Whenever a line below holds the word "bounding", count it; then give the total and nothing else.

## DATA FOR ANALYSIS

################

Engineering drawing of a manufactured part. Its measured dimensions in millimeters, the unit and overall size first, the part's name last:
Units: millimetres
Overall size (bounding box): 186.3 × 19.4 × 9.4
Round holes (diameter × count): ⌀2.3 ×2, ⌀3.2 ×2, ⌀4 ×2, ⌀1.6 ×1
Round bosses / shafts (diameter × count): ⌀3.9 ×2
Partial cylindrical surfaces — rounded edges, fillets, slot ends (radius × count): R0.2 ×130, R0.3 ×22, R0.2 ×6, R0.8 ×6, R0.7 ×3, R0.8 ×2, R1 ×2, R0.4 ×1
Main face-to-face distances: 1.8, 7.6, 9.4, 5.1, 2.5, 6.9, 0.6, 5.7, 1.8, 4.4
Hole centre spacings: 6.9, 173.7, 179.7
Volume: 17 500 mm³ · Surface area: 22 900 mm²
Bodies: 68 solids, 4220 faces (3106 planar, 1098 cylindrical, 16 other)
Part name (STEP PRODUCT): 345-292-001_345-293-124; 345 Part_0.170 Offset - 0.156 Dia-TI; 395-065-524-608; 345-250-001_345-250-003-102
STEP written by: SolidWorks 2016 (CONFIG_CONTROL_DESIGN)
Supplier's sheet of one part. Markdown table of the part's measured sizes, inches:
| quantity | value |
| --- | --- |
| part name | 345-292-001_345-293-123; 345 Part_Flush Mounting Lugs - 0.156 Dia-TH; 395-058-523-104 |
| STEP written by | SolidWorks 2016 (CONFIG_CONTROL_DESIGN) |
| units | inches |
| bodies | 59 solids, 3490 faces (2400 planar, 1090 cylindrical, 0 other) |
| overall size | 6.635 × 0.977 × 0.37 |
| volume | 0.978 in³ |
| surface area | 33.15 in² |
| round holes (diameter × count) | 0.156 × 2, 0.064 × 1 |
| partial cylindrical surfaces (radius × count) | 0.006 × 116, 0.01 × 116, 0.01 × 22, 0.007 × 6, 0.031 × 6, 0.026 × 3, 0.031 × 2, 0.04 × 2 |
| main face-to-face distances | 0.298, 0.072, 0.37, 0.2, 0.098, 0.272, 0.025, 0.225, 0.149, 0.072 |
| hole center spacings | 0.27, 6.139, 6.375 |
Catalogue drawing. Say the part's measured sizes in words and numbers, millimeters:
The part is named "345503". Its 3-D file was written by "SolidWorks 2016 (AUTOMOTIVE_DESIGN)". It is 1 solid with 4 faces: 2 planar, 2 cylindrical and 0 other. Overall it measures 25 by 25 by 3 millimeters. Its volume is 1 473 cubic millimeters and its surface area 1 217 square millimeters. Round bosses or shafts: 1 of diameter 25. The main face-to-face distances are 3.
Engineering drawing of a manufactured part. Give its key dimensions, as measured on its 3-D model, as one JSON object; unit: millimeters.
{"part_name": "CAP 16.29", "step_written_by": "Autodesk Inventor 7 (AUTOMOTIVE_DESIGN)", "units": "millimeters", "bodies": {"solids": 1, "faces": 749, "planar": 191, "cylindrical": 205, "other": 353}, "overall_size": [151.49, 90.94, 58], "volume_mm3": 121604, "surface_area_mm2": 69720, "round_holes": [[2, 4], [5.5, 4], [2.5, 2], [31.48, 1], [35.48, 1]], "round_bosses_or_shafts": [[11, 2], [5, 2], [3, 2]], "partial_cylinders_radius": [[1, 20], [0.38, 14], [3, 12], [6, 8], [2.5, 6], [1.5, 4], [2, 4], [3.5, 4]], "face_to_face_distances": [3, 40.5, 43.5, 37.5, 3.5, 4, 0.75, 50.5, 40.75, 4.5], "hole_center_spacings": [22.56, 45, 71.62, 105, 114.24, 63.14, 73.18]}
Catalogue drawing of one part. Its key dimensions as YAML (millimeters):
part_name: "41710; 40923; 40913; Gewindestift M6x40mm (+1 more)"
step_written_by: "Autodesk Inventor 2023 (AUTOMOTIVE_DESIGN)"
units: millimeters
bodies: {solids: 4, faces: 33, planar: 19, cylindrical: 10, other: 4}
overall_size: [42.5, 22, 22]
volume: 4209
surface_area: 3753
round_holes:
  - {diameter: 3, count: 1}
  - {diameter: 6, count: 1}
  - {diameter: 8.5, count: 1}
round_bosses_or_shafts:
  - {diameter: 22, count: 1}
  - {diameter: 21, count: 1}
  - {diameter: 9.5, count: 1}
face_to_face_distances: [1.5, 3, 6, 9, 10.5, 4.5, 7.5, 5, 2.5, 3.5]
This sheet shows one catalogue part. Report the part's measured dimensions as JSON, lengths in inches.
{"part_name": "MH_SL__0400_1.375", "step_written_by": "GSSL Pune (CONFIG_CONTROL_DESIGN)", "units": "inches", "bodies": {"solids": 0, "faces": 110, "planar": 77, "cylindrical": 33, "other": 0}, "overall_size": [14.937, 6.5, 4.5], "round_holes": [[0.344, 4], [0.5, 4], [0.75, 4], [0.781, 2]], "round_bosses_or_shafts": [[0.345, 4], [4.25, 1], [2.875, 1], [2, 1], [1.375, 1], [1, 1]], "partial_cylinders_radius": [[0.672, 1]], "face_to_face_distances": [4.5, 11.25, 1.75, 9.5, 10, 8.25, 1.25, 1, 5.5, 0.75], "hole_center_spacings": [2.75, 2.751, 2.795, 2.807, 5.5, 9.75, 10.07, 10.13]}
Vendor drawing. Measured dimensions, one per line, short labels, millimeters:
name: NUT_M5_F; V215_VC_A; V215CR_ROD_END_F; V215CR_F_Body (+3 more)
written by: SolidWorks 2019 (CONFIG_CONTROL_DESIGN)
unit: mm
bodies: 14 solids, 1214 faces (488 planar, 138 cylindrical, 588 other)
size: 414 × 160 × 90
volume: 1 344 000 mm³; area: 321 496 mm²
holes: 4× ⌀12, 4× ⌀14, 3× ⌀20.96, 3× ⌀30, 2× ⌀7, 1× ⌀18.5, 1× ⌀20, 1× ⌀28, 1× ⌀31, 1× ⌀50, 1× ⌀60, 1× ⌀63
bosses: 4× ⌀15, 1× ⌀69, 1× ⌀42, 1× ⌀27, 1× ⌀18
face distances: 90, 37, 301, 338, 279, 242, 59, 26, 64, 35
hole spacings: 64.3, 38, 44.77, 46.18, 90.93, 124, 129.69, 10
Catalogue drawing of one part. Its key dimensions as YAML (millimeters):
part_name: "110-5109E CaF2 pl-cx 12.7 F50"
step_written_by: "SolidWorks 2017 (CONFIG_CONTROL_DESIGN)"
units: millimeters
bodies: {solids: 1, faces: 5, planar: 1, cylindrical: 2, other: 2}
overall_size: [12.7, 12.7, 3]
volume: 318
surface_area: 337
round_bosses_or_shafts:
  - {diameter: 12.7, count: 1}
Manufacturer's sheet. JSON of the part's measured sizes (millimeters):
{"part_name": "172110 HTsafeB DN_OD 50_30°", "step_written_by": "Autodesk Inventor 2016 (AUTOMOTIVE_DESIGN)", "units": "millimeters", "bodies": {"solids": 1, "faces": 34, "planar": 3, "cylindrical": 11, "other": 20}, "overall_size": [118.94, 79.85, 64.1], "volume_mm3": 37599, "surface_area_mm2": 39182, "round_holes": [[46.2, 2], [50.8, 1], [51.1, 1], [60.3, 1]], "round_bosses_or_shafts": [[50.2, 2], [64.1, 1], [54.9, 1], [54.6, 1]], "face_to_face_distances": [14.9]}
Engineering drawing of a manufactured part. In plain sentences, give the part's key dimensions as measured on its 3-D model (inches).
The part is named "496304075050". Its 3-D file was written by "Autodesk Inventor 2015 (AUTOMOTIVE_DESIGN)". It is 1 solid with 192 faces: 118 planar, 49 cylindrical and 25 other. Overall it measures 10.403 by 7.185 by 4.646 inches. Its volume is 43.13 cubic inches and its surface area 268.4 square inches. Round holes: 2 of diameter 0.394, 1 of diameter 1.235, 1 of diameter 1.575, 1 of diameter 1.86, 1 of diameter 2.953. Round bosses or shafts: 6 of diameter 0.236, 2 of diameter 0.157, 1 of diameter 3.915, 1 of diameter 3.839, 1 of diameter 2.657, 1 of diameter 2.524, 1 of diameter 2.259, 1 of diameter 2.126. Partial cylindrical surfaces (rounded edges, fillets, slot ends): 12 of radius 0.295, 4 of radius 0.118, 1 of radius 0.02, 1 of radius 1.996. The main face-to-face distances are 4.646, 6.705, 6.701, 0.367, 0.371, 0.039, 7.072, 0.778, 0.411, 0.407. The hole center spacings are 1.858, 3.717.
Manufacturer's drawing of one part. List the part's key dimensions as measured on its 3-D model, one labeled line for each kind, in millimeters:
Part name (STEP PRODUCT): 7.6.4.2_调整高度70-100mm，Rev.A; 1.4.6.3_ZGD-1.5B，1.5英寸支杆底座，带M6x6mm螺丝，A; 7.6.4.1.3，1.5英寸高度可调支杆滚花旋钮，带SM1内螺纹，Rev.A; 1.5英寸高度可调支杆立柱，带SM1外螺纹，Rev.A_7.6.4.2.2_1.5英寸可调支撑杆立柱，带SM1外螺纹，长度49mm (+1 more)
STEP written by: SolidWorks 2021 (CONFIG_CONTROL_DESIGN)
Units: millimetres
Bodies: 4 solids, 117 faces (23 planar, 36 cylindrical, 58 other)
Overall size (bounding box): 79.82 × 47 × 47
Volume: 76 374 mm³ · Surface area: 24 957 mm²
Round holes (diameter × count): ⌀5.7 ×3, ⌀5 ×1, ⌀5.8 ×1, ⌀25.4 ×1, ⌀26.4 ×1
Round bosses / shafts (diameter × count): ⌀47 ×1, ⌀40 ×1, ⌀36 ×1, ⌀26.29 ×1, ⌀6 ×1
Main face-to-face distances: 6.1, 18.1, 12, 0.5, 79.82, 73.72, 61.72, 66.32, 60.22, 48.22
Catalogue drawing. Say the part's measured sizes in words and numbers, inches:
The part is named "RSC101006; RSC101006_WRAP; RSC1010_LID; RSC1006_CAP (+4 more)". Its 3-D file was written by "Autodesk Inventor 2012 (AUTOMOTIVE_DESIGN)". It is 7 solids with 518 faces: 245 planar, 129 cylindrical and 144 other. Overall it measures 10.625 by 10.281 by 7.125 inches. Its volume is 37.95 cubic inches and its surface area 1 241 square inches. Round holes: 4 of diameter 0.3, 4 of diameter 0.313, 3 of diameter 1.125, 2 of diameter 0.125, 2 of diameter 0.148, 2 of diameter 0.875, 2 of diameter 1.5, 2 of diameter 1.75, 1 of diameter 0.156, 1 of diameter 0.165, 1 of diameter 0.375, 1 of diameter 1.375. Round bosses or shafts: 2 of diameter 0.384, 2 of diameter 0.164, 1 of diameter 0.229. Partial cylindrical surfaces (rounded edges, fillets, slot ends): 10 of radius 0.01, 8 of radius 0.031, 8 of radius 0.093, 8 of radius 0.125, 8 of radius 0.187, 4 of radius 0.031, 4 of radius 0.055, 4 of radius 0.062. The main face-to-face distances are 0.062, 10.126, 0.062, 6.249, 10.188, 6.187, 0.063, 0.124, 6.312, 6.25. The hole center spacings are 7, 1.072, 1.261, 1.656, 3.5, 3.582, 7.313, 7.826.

################

## RESULT OF THE TASK
2